* EXERCISE *
Nothing but the lines from the start of the entries through the line containing "msp.add_line(p, q, dxfattribs=at)" should appear in the answer, each given exactly.

* DATA UNDER STUDY *
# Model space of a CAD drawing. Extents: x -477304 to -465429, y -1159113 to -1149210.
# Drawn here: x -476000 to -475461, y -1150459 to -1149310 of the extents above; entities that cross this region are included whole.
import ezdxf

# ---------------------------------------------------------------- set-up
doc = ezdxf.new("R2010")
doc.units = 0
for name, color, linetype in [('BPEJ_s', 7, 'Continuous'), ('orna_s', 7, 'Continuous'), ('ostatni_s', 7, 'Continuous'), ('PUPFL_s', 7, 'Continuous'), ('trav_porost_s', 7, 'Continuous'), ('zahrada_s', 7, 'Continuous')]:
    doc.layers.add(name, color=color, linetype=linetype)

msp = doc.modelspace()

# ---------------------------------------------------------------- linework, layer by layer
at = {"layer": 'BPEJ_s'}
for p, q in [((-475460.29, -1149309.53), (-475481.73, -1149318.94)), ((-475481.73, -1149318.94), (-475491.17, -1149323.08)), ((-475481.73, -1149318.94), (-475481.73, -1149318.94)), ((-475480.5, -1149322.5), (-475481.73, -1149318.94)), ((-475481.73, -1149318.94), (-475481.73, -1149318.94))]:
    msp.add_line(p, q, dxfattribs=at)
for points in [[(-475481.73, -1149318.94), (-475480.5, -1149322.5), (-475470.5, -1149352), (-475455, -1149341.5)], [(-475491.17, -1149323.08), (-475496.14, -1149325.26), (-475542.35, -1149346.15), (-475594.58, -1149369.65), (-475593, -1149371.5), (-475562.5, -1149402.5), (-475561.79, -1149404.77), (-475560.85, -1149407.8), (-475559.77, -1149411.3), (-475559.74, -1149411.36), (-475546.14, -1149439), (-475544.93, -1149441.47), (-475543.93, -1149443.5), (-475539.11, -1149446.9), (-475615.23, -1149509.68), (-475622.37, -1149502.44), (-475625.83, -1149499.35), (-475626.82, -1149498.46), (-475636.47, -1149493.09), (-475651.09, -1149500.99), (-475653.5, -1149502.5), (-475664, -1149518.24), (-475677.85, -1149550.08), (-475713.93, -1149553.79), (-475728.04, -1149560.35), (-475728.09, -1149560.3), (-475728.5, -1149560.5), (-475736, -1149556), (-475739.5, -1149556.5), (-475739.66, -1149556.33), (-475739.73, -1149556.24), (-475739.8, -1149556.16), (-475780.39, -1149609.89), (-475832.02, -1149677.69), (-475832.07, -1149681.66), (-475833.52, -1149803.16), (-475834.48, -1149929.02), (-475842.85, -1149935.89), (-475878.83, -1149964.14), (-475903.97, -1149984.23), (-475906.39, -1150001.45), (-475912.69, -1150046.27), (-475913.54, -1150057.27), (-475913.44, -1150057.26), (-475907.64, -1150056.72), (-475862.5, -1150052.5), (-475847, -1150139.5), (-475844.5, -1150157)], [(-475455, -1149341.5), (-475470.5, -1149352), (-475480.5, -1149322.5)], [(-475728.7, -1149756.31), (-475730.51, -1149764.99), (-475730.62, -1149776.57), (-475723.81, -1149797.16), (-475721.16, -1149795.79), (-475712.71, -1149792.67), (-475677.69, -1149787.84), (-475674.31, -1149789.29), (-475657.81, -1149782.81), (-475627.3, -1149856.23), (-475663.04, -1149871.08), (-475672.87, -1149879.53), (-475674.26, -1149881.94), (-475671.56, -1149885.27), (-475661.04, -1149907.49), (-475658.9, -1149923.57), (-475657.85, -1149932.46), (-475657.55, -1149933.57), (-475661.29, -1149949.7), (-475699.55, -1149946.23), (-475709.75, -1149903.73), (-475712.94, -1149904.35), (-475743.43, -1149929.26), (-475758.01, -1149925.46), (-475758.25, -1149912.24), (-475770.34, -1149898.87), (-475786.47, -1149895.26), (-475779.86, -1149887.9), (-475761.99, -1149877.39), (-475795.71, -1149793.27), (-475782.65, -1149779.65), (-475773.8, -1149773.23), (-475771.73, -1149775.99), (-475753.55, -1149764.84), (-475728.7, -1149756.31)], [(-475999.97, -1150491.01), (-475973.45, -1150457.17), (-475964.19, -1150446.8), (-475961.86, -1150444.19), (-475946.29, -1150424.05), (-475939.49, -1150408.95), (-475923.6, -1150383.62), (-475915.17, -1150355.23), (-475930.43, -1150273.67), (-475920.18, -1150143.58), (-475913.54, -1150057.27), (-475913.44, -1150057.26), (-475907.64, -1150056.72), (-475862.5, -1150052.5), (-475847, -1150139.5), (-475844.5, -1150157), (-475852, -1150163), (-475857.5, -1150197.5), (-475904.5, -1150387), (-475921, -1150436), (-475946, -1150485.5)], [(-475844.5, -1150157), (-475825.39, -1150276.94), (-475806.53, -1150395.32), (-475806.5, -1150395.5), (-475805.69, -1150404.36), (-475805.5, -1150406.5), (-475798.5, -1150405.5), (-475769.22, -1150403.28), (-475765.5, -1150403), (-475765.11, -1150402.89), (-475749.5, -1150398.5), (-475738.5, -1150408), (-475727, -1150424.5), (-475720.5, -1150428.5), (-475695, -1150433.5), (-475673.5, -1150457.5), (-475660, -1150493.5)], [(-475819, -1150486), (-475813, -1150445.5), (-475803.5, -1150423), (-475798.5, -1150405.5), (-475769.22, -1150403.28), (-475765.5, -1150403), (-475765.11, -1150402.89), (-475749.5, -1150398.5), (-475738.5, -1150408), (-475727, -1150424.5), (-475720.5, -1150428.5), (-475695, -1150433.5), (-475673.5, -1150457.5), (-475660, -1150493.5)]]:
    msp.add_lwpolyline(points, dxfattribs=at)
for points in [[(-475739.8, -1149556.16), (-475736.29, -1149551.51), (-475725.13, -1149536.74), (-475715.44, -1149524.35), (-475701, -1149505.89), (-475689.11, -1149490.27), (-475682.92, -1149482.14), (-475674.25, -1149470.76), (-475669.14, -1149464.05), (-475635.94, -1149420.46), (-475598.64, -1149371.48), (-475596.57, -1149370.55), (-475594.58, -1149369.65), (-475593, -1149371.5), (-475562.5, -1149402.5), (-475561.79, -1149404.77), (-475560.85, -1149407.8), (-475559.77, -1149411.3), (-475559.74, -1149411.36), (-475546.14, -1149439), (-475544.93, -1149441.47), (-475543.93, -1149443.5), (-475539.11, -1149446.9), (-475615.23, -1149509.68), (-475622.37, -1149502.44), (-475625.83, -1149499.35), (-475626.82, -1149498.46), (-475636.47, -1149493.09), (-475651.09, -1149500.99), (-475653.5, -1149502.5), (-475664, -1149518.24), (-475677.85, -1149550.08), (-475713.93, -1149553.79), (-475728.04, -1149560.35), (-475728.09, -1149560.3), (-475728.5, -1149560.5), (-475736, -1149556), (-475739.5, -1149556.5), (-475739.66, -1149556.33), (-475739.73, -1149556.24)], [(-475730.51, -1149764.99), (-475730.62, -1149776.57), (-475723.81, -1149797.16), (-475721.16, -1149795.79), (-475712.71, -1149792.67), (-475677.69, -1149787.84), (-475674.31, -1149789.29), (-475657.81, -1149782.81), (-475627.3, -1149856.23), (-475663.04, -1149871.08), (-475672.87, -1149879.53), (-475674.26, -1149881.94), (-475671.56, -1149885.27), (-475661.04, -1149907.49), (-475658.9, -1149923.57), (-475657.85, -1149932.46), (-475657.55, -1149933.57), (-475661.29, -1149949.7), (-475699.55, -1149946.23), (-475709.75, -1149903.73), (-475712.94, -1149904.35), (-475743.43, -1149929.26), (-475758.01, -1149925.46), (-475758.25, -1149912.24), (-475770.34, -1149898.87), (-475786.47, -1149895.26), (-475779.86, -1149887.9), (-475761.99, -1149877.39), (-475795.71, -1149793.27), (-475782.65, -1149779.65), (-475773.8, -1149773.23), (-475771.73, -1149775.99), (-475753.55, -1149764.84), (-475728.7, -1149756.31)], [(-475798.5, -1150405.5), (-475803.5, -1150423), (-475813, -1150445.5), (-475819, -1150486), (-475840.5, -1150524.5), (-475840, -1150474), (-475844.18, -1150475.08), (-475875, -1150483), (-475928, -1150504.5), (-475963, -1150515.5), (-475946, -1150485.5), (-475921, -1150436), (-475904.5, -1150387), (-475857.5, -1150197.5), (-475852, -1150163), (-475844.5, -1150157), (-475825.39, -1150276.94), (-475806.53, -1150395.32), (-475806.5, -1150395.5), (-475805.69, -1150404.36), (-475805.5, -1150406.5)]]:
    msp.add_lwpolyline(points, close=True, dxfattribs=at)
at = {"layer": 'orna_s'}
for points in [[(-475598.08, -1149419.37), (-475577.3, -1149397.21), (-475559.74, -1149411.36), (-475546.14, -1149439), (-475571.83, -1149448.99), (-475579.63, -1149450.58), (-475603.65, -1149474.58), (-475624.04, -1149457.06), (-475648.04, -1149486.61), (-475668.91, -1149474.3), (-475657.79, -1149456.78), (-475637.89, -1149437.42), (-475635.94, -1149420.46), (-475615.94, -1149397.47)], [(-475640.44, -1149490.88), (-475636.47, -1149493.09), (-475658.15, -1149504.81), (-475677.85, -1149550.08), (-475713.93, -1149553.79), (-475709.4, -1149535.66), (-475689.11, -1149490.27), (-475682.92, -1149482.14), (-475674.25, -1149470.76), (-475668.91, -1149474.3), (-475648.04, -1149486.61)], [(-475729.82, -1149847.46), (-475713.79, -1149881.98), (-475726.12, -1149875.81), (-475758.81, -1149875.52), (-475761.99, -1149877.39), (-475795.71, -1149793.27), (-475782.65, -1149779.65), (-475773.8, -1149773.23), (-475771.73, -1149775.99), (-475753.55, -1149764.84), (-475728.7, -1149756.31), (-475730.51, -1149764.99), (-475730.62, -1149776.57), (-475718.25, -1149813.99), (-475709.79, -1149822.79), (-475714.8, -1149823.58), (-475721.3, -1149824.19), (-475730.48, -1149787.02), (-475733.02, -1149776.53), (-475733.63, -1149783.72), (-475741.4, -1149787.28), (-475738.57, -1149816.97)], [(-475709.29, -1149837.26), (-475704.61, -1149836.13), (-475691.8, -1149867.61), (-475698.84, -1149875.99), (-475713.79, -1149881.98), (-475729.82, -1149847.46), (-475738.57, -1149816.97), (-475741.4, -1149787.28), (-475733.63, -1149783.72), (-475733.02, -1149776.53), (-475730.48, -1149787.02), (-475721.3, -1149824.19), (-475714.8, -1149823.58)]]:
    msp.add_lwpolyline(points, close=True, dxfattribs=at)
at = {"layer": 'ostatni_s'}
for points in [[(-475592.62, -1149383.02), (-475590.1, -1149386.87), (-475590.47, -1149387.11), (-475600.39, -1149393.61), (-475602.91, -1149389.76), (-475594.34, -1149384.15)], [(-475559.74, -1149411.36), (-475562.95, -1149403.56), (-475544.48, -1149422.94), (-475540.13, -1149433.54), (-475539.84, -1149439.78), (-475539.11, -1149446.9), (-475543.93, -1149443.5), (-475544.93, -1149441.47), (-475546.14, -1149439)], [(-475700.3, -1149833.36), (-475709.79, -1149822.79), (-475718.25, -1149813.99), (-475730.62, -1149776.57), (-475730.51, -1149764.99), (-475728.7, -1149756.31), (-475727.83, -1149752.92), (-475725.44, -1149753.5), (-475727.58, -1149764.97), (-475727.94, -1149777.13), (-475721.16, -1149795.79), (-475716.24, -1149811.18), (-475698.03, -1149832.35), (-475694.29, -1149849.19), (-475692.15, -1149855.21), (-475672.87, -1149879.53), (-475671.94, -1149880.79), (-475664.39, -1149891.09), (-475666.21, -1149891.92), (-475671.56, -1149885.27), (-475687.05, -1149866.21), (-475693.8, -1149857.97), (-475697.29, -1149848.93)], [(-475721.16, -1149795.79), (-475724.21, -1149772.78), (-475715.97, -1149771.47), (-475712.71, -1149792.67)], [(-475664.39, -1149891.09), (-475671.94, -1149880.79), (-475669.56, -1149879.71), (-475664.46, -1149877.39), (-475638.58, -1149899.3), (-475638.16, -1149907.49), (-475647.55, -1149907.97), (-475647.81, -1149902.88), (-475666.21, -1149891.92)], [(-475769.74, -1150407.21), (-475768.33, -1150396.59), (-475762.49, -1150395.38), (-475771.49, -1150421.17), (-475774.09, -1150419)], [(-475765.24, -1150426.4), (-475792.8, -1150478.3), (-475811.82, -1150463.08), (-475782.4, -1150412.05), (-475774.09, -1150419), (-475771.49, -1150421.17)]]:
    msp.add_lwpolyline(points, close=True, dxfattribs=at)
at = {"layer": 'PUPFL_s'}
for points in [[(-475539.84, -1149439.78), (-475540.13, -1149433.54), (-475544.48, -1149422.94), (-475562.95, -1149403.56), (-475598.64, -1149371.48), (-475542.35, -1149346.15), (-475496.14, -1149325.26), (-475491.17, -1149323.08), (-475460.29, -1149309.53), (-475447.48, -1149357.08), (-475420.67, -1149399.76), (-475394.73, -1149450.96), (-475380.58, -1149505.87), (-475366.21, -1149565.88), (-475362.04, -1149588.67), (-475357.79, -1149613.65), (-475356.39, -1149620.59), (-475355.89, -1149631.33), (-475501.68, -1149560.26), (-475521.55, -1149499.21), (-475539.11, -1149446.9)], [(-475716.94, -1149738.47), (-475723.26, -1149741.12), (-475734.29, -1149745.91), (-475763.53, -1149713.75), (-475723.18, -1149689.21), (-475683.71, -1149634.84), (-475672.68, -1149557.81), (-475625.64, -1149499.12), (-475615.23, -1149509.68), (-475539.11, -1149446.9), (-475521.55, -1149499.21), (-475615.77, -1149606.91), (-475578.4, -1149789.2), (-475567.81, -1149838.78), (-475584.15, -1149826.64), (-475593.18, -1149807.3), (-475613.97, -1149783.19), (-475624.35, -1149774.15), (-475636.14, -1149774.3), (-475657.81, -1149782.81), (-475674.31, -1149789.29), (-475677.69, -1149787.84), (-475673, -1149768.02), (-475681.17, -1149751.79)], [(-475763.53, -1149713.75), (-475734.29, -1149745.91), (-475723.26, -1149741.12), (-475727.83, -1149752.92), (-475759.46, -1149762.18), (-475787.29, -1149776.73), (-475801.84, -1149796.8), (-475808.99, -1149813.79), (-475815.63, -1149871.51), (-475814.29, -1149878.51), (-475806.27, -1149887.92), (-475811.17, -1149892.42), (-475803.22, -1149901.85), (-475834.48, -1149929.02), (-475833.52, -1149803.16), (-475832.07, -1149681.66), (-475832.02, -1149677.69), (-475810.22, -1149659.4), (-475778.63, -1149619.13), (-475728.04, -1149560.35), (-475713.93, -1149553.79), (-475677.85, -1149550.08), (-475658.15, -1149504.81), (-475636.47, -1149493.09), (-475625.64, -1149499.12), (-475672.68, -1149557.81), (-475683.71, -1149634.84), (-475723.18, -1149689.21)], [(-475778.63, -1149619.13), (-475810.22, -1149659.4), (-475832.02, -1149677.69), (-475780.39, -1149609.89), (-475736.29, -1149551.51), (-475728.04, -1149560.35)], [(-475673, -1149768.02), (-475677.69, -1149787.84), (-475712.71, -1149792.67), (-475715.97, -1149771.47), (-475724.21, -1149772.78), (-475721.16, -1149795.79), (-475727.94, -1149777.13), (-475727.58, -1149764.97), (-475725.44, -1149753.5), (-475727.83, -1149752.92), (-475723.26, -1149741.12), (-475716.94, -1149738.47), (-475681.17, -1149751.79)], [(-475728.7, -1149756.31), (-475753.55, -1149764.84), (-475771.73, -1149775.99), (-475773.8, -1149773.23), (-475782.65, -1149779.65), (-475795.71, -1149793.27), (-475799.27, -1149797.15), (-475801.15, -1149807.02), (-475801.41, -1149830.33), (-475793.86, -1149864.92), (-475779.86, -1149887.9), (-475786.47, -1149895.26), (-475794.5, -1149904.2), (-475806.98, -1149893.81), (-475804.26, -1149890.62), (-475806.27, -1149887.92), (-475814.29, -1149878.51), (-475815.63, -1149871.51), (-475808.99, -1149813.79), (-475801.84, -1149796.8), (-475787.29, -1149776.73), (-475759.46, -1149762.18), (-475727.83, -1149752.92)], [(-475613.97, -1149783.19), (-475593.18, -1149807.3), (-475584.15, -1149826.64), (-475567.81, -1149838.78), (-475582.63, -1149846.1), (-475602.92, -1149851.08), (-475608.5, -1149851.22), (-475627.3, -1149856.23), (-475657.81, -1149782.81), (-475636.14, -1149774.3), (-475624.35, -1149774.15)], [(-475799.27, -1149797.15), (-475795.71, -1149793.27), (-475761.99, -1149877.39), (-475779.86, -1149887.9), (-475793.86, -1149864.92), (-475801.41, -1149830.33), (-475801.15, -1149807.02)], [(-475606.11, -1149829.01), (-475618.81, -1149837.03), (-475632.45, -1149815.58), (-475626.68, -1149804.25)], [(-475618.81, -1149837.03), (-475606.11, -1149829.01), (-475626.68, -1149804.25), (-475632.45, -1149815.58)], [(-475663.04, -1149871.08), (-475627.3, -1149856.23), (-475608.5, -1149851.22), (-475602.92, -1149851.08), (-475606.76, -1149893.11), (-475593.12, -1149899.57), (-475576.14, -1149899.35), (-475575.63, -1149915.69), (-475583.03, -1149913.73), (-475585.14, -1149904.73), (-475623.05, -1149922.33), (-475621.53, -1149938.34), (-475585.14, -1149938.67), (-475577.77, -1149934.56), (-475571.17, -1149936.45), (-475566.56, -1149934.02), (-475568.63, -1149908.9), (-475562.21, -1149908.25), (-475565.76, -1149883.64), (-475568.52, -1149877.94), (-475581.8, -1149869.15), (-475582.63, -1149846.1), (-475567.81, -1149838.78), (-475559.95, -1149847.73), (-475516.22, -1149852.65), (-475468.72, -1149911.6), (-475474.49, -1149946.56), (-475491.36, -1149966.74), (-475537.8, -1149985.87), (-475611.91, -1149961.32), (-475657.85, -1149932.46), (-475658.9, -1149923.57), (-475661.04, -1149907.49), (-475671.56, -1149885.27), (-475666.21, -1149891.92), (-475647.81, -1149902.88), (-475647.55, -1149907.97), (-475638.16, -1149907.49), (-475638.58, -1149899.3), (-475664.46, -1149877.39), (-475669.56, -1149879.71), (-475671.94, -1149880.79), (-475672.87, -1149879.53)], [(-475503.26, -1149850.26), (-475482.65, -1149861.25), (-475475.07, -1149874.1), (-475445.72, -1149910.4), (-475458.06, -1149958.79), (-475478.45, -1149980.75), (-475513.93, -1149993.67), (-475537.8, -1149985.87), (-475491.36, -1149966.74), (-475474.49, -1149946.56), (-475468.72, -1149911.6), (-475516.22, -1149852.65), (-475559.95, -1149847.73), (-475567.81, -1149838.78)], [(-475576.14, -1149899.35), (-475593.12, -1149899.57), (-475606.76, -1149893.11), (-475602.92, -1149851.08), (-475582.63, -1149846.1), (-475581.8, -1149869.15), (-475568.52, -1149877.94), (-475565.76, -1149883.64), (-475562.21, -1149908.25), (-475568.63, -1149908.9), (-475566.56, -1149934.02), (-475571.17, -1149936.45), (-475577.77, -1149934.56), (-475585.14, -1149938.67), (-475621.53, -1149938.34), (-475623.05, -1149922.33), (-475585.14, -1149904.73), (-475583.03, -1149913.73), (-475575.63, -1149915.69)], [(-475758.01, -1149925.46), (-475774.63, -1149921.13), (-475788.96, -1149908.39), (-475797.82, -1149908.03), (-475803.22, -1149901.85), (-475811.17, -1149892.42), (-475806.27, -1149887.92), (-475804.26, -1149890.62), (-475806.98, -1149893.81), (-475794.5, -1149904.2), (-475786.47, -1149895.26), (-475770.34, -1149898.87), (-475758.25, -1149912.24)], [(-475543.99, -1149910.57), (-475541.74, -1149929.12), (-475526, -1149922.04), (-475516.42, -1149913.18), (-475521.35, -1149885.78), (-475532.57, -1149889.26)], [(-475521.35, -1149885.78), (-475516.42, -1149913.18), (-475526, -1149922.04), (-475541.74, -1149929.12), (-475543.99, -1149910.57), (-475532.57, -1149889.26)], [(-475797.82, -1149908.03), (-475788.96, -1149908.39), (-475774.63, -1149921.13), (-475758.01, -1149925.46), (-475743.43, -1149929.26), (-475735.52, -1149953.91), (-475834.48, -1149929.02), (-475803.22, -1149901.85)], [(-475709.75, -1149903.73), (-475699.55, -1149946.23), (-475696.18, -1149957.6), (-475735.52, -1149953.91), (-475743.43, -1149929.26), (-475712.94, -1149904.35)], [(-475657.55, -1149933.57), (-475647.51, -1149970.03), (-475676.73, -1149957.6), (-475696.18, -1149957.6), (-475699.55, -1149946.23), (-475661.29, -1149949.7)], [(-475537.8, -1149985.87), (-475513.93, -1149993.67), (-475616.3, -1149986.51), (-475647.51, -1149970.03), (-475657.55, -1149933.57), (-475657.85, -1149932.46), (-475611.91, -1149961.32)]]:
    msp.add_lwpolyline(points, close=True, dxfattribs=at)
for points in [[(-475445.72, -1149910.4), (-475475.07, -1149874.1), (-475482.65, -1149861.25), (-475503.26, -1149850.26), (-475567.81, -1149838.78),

* TASK RESULT *
# Model space of a CAD drawing. Extents: x -477304 to -465429, y -1159113 to -1149210.
# Drawn here: x -476000 to -475461, y -1150459 to -1149310 of the extents above; entities that cross this region are included whole.
import ezdxf

# ---------------------------------------------------------------- set-up
doc = ezdxf.new("R2010")
doc.units = 0
for name, color, linetype in [('BPEJ_s', 7, 'Continuous'), ('orna_s', 7, 'Continuous'), ('ostatni_s', 7, 'Continuous'), ('PUPFL_s', 7, 'Continuous'), ('trav_porost_s', 7, 'Continuous'), ('zahrada_s', 7, 'Continuous')]:
    doc.layers.add(name, color=color, linetype=linetype)

msp = doc.modelspace()

# ---------------------------------------------------------------- linework, layer by layer
at = {"layer": 'BPEJ_s'}
for p, q in [((-475460.29, -1149309.53), (-475481.73, -1149318.94)), ((-475481.73, -1149318.94), (-475491.17, -1149323.08)), ((-475481.73, -1149318.94), (-475481.73, -1149318.94)), ((-475480.5, -1149322.5), (-475481.73, -1149318.94)), ((-475481.73, -1149318.94), (-475481.73, -1149318.94))]:
    msp.add_line(p, q, dxfattribs=at)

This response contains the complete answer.